Столетия, проведенные рядом с этой женщиной, научили прекрасно читать ее мысли. И, как всегда, Уошен ощутила смешанное -чувство жалости к матери и презрения к одержимому властью вождю. Или наоборот?

Миоцен протянула Локи длинную руку, обозначив таким образом конец переговоров. Но в его руке что-то лежало. Это было что-то, похожее на диск, тщательно завернутый в зеленое крыло молотокрылого.

- Это подарок, возьмите, - вручил он сверток.

Вице-премьер осторожно развернула крыло и уставилась на подарок. В ее ладони лежал диск ослепительно желтой серы. Как и многие легкие элементы на Медулле, сера была крайне редким веществом. Один вид этого диска заставил Миоцен в удивлении поглядеть на дарителя.

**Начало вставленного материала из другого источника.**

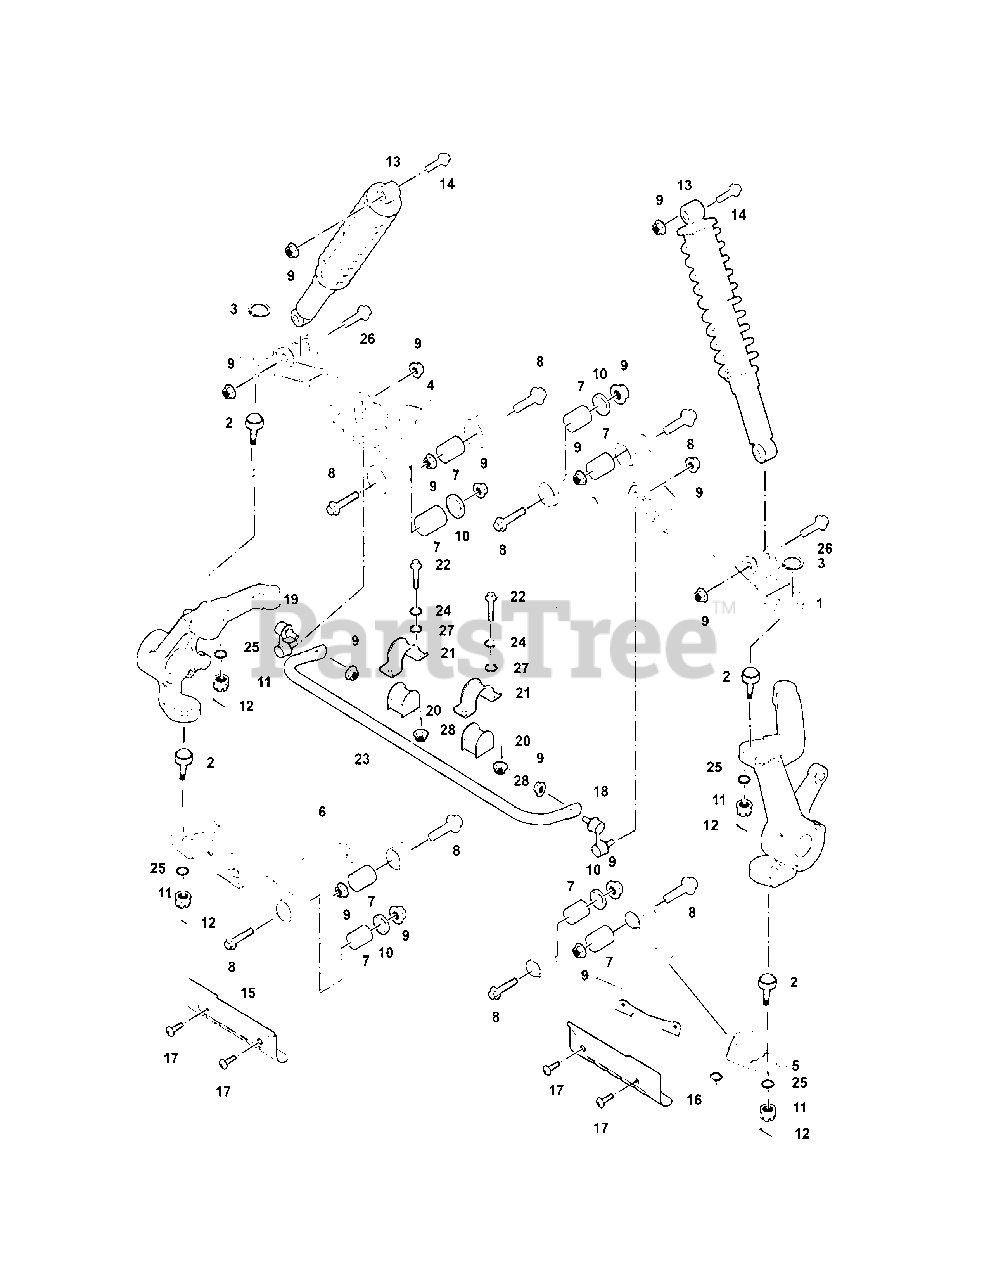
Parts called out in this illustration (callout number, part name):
1	Left front upper swing arm
2	Joint A, suspension
3	Circlip D0=30
4	Right front upper swing arm
5	Left front lower swing arm
6	Right front lower swing arm
7	Bushing 10×23×50
8	Bolt M10×1.25×78
9	Hexagon flange nut M10×1.25
10	Nylon Bushing
11	Hexagon nut M12×1.25
13	Front shock absorber
14	Bolt M10×1.25×60
15	Protective Board, Rear Right Lower Swing Arm
16	Protective Board, Rear Left Lower Swing Arm
17	Cross large plate head screw M6×16
18	Left Tie-Rod, Anti-Roll Bar
19	Right Tie-Rod, Anti-Roll Bar
20	U-type Rubber bush III
21	Press Block, Rear Anti-Roll Bar
22	Hexagon Flange Bolt M8×22
23	Front anti-roll bar
24	Spring Washer -8
25	Spring Washer -12
26	Bolt M10×1.25×60
27	Cushion 8.4×16×1.6
27	Hexagon Flange Lock Nut M8 (Metallic Insert)
28	Hexagon Flange Lock Nut M8 (Metallic Insert)

- А что вы дадите нам за тонны такого вещества? - как отец, улыбнулся Локи. - И, прежде чем она успела ответить, сказал сам: - Нам нужен лазер. Такой, как ваш. Такой же мощности и с запасными деталями.

- Но другого у нас нет.

- Но вы делаете еще три, - авторитетно заявил Локи. - Нам нужен первый из этих трех. Он будет готов на следующий год, если я не ошибаюсь.

- Не ошибаешься, - подтвердила Уошен, поскольку лгать, видимо, было бессмысленно.

Миоцен же просто смотрела на желтый диск, подсчитывая, какие производства можно будет запустить на основе нового сырья.

Старый, нервный, вечно обеспокоенный Даен скривил лицо в недоверчивой гримасе.

- Но зачем вам нужен подобный лазер?

Дью засмеялся и ловко вытер рукой густой пот на обритом черепе.

- Если уж ваша компания, сидя на одном месте, смогла найти один такой артефакт, случайно… то сколько можем обнаружить их мы, Бродяги?